About seven months after completing its $25 million buyout of Cyclis Pharmaceuticals Inc., ArQule Inc. has leveraged the acquired Activated Checkpoint Therapy technology to nail down a deal with Roche that could be worth up to $276 million, plus royalties.
ArQule's stock (NASDAQ:ARQL) closed Friday at $6.90, up $1.06, or 18.2 percent, after rising as high as $7.40.
Specifically, the deal is focused on cancer drug candidates targeting the E2F pathway, which regulates cell death. Woburn, Mass.-based ArQule has a compound in Phase I trials, putting the firm "pretty much ahead of anybody else in this [cancer checkpoint] area," said Stephen Hill, president and CEO.
Under the terms, Basel, Switzerland-based Roche Holding Ltd. is paying $15 million up front, as well as research and development support described as "significant," but unspecified. Roche gained an option to acquire rights to the program.
"We haven't shared the timing of the option, and it's really linked primarily to achievements within the program rather than a specific time frame," Hill said during a conference call. If certain milestones are reached, "that would precipitate the obligation of Roche to make a decision as to whether they want to opt in or not," he said, adding that Roche then would face "a time limit on how long that option would be open for."
Hill told BioWorld Today later that the start of the clock for Roche's decision making partly will "be triggered by us generating Phase II data in one compound and having at least one Phase I compound in the clinic." But Roche will make ongoing research and development payments in undisclosed amounts, starting in 2005.
If Roche, the oncology division of which has four research sites and four "headquarter development" sites around the world, takes the option to license worldwide rights to further develop and commercialize E2F drugs, it pays an opt-in fee.
Hill would not provide the amount of the fee, but noted that ArQule "had a choice whether to do a deal or not, and we looked very carefully to whether we should do a deal now" or wait until a drug was further along in the clinic. Terms in the Roche deal "compared very favorably with [those likely to be gained by] waiting," he said.
As the supply of late-stage programs dwindles in the industry, pharmaceutical firms are having to in-license compounds further back in the development stages, Hill said.

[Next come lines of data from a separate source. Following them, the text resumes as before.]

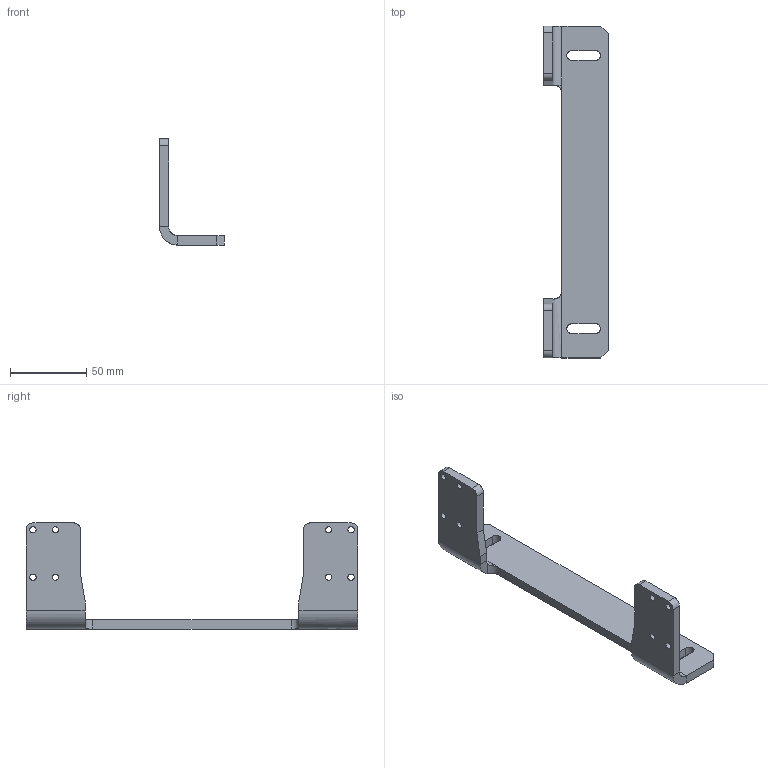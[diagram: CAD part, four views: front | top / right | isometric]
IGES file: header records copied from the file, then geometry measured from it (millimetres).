
Global section: file name: H306085_Halterung_Sensor; native system: Autodesk Inventor 2020; preprocessor: unknown; author: pcre; date: 20191216.072755; units: millimetre
Bounding box: 42.5 x 217.2 x 69.45 mm (x, y, z)
Volume: 68935.1 mm3; surface area: 28770.6 mm2
Topology: 1 solids, 1 shells, 54 faces, 146 edges, 94 vertices
Faces by surface type: bspline 54
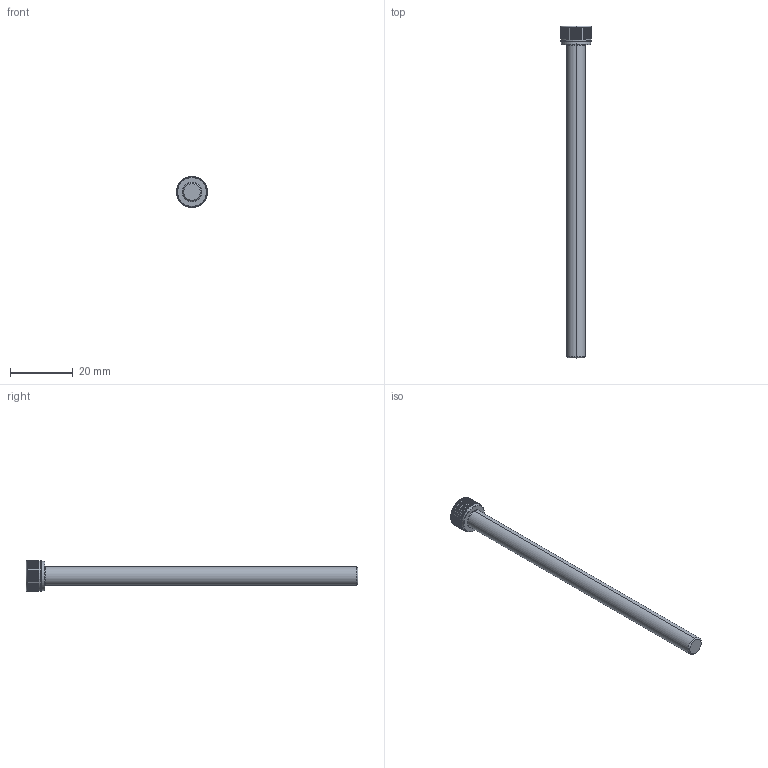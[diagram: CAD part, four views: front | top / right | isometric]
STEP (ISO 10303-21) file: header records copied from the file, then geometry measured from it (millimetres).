
FILE_DESCRIPTION (( 'STEP AP203' ), '1' );
FILE_NAME ('LGDT-304-M6x100.STEP', '2026-08-10T04:59:48', ( '' ), ( '' ), 'SwSTEP 2.0', 'SolidWorks 2020', '' );
FILE_SCHEMA (( 'CONFIG_CONTROL_DESIGN' ));
Length unit declared in the file: millimetre
Products named in the file (1): LGDT-304-M6x100
Bounding box: 9.8 x 106 x 9.8 mm (x, y, z)
Volume: 3194.1 mm3; surface area: 2262.7 mm2
Topology: 1 solids, 1 shells, 204 faces, 576 edges, 376 vertices
Faces by surface type: cylinder 175, cone 11, plane 10, torus 8
Entity records: 8367 total; most frequent: CARTESIAN_POINT 3208, ORIENTED_EDGE 1152, DIRECTION 988, EDGE_CURVE 576, AXIS2_PLACEMENT_3D 398, VERTEX_POINT 376, EDGE_LOOP 206, FACE_OUTER_BOUND 204
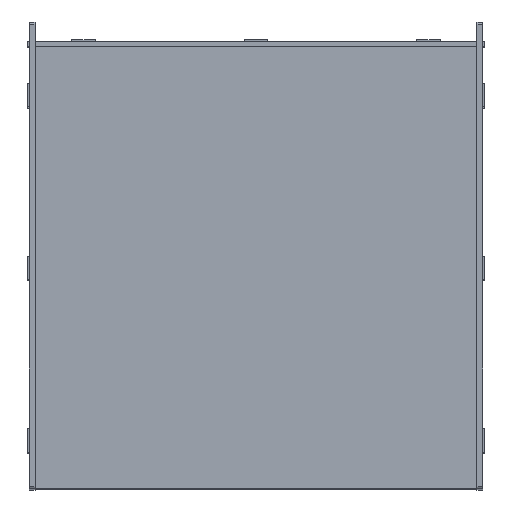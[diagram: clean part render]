
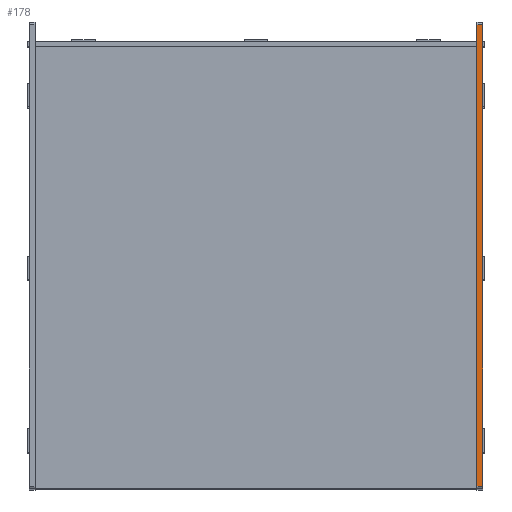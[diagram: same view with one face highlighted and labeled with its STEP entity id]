
A CAD part, top view. The second image highlights one B-rep face of the part: STEP entity #178.
In plain terms, the highlighted planar face has unit normal (0, 0, 1).
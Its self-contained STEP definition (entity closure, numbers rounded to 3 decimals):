
#178=ADVANCED_FACE('',(#324),#4752,.T.);
#324=FACE_OUTER_BOUND('',#502,.T.);
#502=EDGE_LOOP('',(#1432,#1433,#1434,#1435));
#1432=ORIENTED_EDGE('',*,*,#2494,.F.);
#1433=ORIENTED_EDGE('',*,*,#2435,.F.);
#1434=ORIENTED_EDGE('',*,*,#2477,.F.);
#1435=ORIENTED_EDGE('',*,*,#2495,.T.);
#2435=EDGE_CURVE('',#4287,#4280,#3475,.T.);
#2477=EDGE_CURVE('',#4329,#4287,#3516,.T.);
#2494=EDGE_CURVE('',#4280,#4335,#3526,.T.);
#2495=EDGE_CURVE('',#4329,#4335,#3527,.T.);
#3475=B_SPLINE_CURVE_WITH_KNOTS('',1,(#7055,#7056),.UNSPECIFIED.,.F.,.F.,
(2,2),(0.,334.),.UNSPECIFIED.);
#3516=B_SPLINE_CURVE_WITH_KNOTS('',1,(#7140,#7141),.UNSPECIFIED.,.F.,.F.,
(2,2),(0.,4.),.UNSPECIFIED.);
#3526=B_SPLINE_CURVE_WITH_KNOTS('',1,(#7181,#7182),.UNSPECIFIED.,.F.,.F.,
(2,2),(0.,4.),.UNSPECIFIED.);
#3527=B_SPLINE_CURVE_WITH_KNOTS('',1,(#7183,#7184),.UNSPECIFIED.,.F.,.F.,
(2,2),(-334.,0.),.UNSPECIFIED.);
#4280=VERTEX_POINT('',#6953);
#4287=VERTEX_POINT('',#6960);
#4329=VERTEX_POINT('',#7002);
#4335=VERTEX_POINT('',#7008);
#4752=PLANE('',#4982);
#4982=AXIS2_PLACEMENT_3D('',#6952,#5131,$);
#5131=DIRECTION('',(0.,0.,1.));
#6952=CARTESIAN_POINT('',(159.48,-199.52,481.));
#6953=CARTESIAN_POINT('',(164.,-166.,481.));
#6960=CARTESIAN_POINT('',(164.,168.,481.));
#7002=CARTESIAN_POINT('',(160.,168.,481.));
#7008=CARTESIAN_POINT('',(160.,-166.,481.));
#7055=CARTESIAN_POINT('',(164.,168.,481.));
#7056=CARTESIAN_POINT('',(164.,-166.,481.));
#7140=CARTESIAN_POINT('',(160.,168.,481.));
#7141=CARTESIAN_POINT('',(164.,168.,481.));
#7181=CARTESIAN_POINT('',(164.,-166.,481.));
#7182=CARTESIAN_POINT('',(160.,-166.,481.));
#7183=CARTESIAN_POINT('',(160.,168.,481.));
#7184=CARTESIAN_POINT('',(160.,-166.,481.));

"If you risk-adjust them appropriately, I am of the view that for good programs you can do just as good a deal at Phase I as you can do at Phase II," he said.
If a drug from the E2F program reaches the market, ArQule could be in line for up to $276 million in payments, as well as royalties. Meanwhile, ArQule is keeping rights to Cancer Survival Proteins, known to block checkpoint-mediated apoptosis. Its lead compound has shown activity against human cancer, Hill said. ArQule also retains rights to an intracellular protein named PUMA, which stands for "p53-Upregulated Modulator of Apoptosis." Produced in response to p53, PUMA has shown in in vitro assays to be a highly potent stimulator of apoptosis in cancer cells.
A drug that hits the E2F pathway as well as traveling another route would be "a little bit of a gray area," Hill acknowledged. "The intent, I think it's fair to say, behind this [deal] is if E2F elevation is the primary basis by which the drug works, then that would be included in the program. If that's an incidental effect and not the primary mechanism, then I think that's open to ArQule retaining rights."
Hill said the CSP program does "not involve the E2F pathway in a material fashion," and noted that ArQule keeps control over all Activated Checkpoint Therapy programs apart from E2F.
Yeast biologist Leland Hartwell, at the University of Washington in Seattle, discovered the phenomenon of the DNA damage checkpoint in 1988 and got the Nobel Prize for it in 2001. Papers on the subject have been published in the journals Nature and the Proceedings of the National Academy of Sciences. (See BioWorld Today, April 2, 1999, and May 15, 2002.)
Work in cancer checkpoints has steadily gained steam, and was the subject of presentations at the American Association for Cancer Research meeting in Orlando, Fla., last week.
Hill said interest is growing, though he is "not aware of anybody else who is already in the clinic with programs working by activated checkpoints. It may not be a bandwagon yet, but I suspect if and when clinical activity is demonstrated, a lot more people will be looking into this area."
As a result of the Roche deal, ArQule upped its guidance regarding 2004 financial results, putting revenues between $50 million and $52 million. The previous range had been $46 million to $48 million. Cost of revenue is unchanged, but research and development expenses rose to a range of $24 million to $25 million, rising $2 million over the previous estimate. ArQule expects its net loss per share to range between 52 cents and 56 cents for the year, down from the previous guidance of a range between 66 cents and 70 cents.
The company in September put the finishing touches on its buyout of privately held, Norwood, Mass.-based Cyclis, combining the former's chemistry expertise with its biology, which included Cyclis' lead candidate for cancer, CO-501 (now known as ARQ-501), as well as the Activated Checkpoint Therapy methodology used to develop it. (See BioWorld Today, July 18, 2003.)